Quotient filter

A quotient filter is a space-efficient probabilistic data structure used to test whether an element is a member of a set (an approximate membership query filter, AMQ). A query will elicit a reply specifying either that the element is definitely not in the set or that the element is probably in the set. The former result is definitive; i.e., the test does not generate false negatives. But with the latter result there is some probability, ε, of the test returning "element is in the set" when in fact the element is not present in the set (i.e., a false positive). There is a tradeoff between ε, the false positive rate, and storage size; increasing the filter's storage size reduces ε. Other AMQ operations include "insert" and "optionally delete". The more elements are added to the set, the larger the probability of false positives.

An approximate member query (AMQ) filter used to speed up answers in a key-value storage system. Key-value pairs are stored on a disk which has slow access times. AMQ filter decisions are much faster. However some unnecessary disk accesses are made when the filter reports a positive (in order to weed out the false positives). Overall answer speed is better with the AMQ filter than without it. Use of an AMQ filter for this purpose, however, does increase memory usage.

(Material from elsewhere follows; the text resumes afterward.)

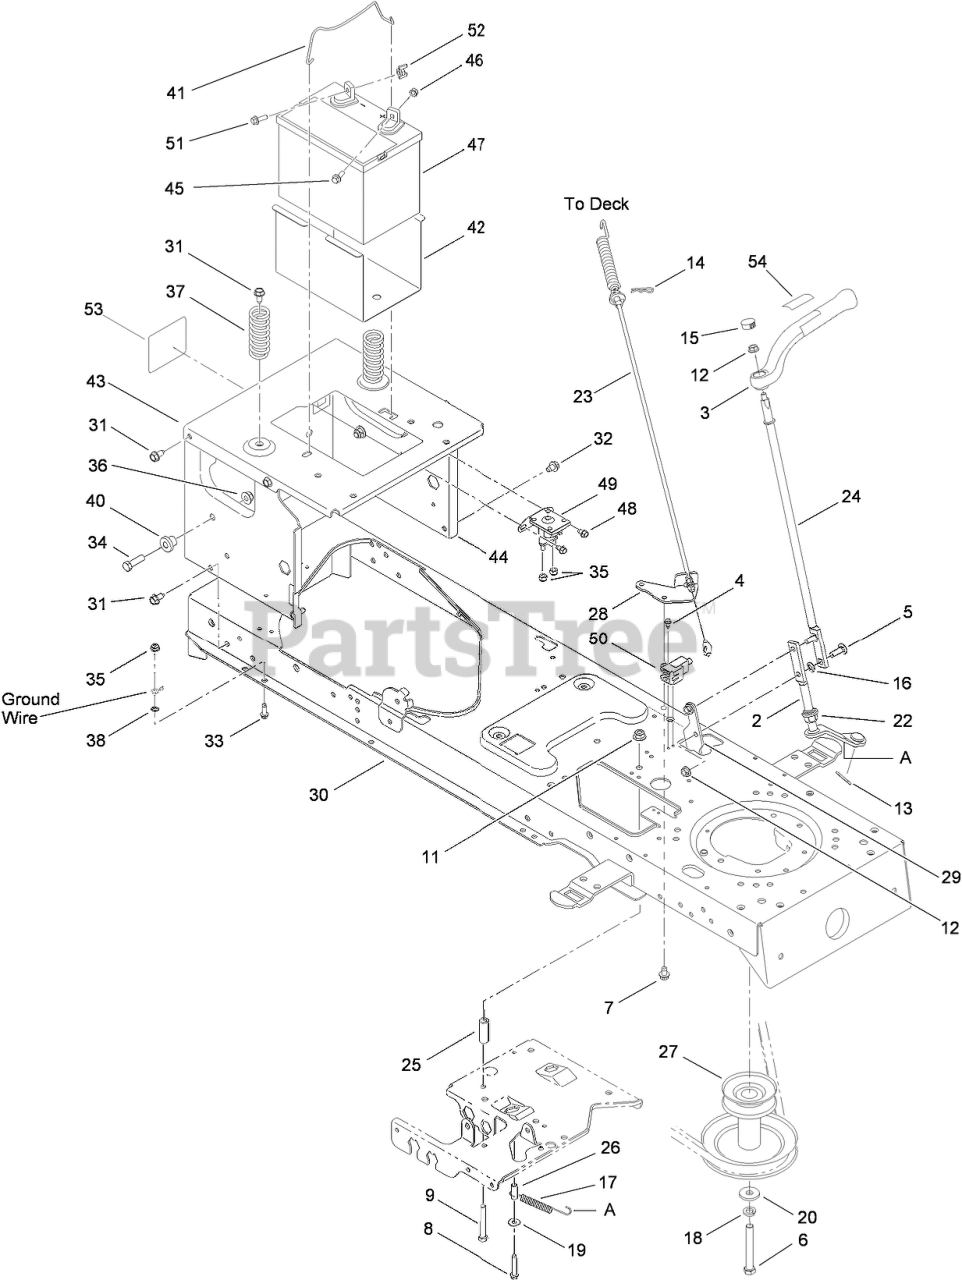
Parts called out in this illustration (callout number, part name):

A typical application for quotient filters, and other AMQ filters, is to serve as a proxy for the keys in a database on disk. As keys are added to or removed from the database, the filter is updated to reflect this. Any lookup will first consult the fast quotient filter, then look in the (presumably much slower) database only if the quotient filter reported the presence of the key. If the filter returns absence, the key is known not to be in the database without any disk accesses having been performed.

A quotient filter has the usual AMQ operations of insert and query. In addition it can also be merged and re-sized without having to re-hash the original keys (thereby avoiding the need to access those keys from secondary storage). This property benefits certain kinds of log-structured merge-trees.